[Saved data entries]
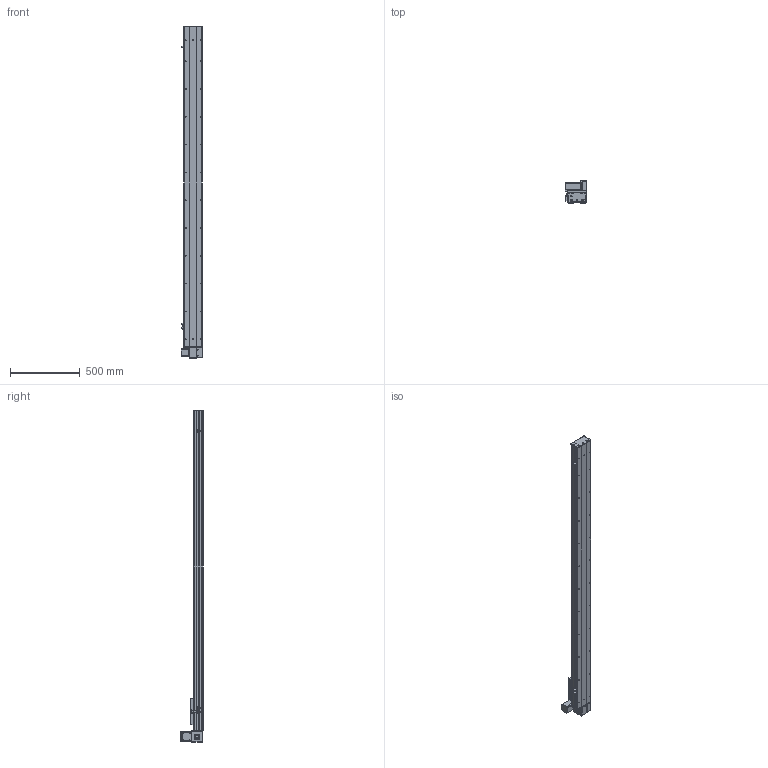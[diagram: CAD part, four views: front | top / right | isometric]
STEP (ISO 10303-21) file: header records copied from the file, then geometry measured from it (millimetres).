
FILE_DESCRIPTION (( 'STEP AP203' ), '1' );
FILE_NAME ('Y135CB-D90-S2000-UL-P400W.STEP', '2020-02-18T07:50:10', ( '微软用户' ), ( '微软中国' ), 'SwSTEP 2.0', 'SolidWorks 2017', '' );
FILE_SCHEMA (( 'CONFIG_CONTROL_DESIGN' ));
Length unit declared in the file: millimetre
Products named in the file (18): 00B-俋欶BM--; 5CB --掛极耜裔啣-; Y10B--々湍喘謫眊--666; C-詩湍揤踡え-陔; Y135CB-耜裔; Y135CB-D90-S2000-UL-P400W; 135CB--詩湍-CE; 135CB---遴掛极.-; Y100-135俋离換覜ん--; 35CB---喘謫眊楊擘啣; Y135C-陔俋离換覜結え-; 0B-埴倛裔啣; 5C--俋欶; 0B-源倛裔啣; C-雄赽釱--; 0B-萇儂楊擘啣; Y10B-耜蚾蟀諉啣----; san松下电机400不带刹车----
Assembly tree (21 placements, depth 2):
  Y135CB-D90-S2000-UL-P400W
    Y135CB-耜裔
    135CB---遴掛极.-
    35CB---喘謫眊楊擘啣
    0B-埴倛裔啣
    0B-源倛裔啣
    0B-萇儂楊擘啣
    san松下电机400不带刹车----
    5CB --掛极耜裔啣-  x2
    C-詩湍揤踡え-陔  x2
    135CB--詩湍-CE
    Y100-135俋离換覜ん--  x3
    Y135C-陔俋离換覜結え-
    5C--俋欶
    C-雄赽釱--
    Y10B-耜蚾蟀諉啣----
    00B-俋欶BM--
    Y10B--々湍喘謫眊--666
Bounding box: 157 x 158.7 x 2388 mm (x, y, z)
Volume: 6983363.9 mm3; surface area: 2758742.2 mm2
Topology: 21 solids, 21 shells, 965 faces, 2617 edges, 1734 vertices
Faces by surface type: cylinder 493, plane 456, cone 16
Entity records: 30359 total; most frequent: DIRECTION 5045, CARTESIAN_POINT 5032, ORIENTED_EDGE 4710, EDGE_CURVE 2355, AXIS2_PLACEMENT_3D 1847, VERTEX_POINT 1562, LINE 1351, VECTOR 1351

Assignment.
Output every entry exactly as given; pictures are not part of the copy.

Reply to the task.
[diagram: CAD part, four views: front | top / right | isometric]
STEP (ISO 10303-21) file: header records copied from the file, then geometry measured from it (millimetres).
FILE_DESCRIPTION (( 'STEP AP203' ), '1' );
FILE_NAME ('Y135CB-D90-S2000-UL-P400W.STEP', '2020-02-18T07:50:10', ( '微软用户' ), ( '微软中国' ), 'SwSTEP 2.0', 'SolidWorks 2017', '' );
FILE_SCHEMA (( 'CONFIG_CONTROL_DESIGN' ));
Length unit declared in the file: millimetre
Products named in the file (18): 00B-俋欶BM--; 5CB --掛极耜裔啣-; Y10B--々湍喘謫眊--666; C-詩湍揤踡え-陔; Y135CB-耜裔; Y135CB-D90-S2000-UL-P400W; 135CB--詩湍-CE; 135CB---遴掛极.-; Y100-135俋离換覜ん--; 35CB---喘謫眊楊擘啣; Y135C-陔俋离換覜結え-; 0B-埴倛裔啣; 5C--俋欶; 0B-源倛裔啣; C-雄赽釱--; 0B-萇儂楊擘啣; Y10B-耜蚾蟀諉啣----; san松下电机400不带刹车----
Assembly tree (21 placements, depth 2):
  Y135CB-D90-S2000-UL-P400W
    Y135CB-耜裔
    135CB---遴掛极.-
    35CB---喘謫眊楊擘啣
    0B-埴倛裔啣
    0B-源倛裔啣
    0B-萇儂楊擘啣
    san松下电机400不带刹车----
    5CB --掛极耜裔啣-  x2
    C-詩湍揤踡え-陔  x2
    135CB--詩湍-CE
    Y100-135俋离換覜ん--  x3
    Y135C-陔俋离換覜結え-
    5C--俋欶
    C-雄赽釱--
    Y10B-耜蚾蟀諉啣----
    00B-俋欶BM--
    Y10B--々湍喘謫眊--666
Bounding box: 157 x 158.7 x 2388 mm (x, y, z)
Volume: 6983363.9 mm3; surface area: 2758742.2 mm2
Topology: 21 solids, 21 shells, 965 faces, 2617 edges, 1734 vertices
Faces by surface type: cylinder 493, plane 456, cone 16
Entity records: 30359 total; most frequent: DIRECTION 5045, CARTESIAN_POINT 5032, ORIENTED_EDGE 4710, EDGE_CURVE 2355, AXIS2_PLACEMENT_3D 1847, VERTEX_POINT 1562, LINE 1351, VECTOR 1351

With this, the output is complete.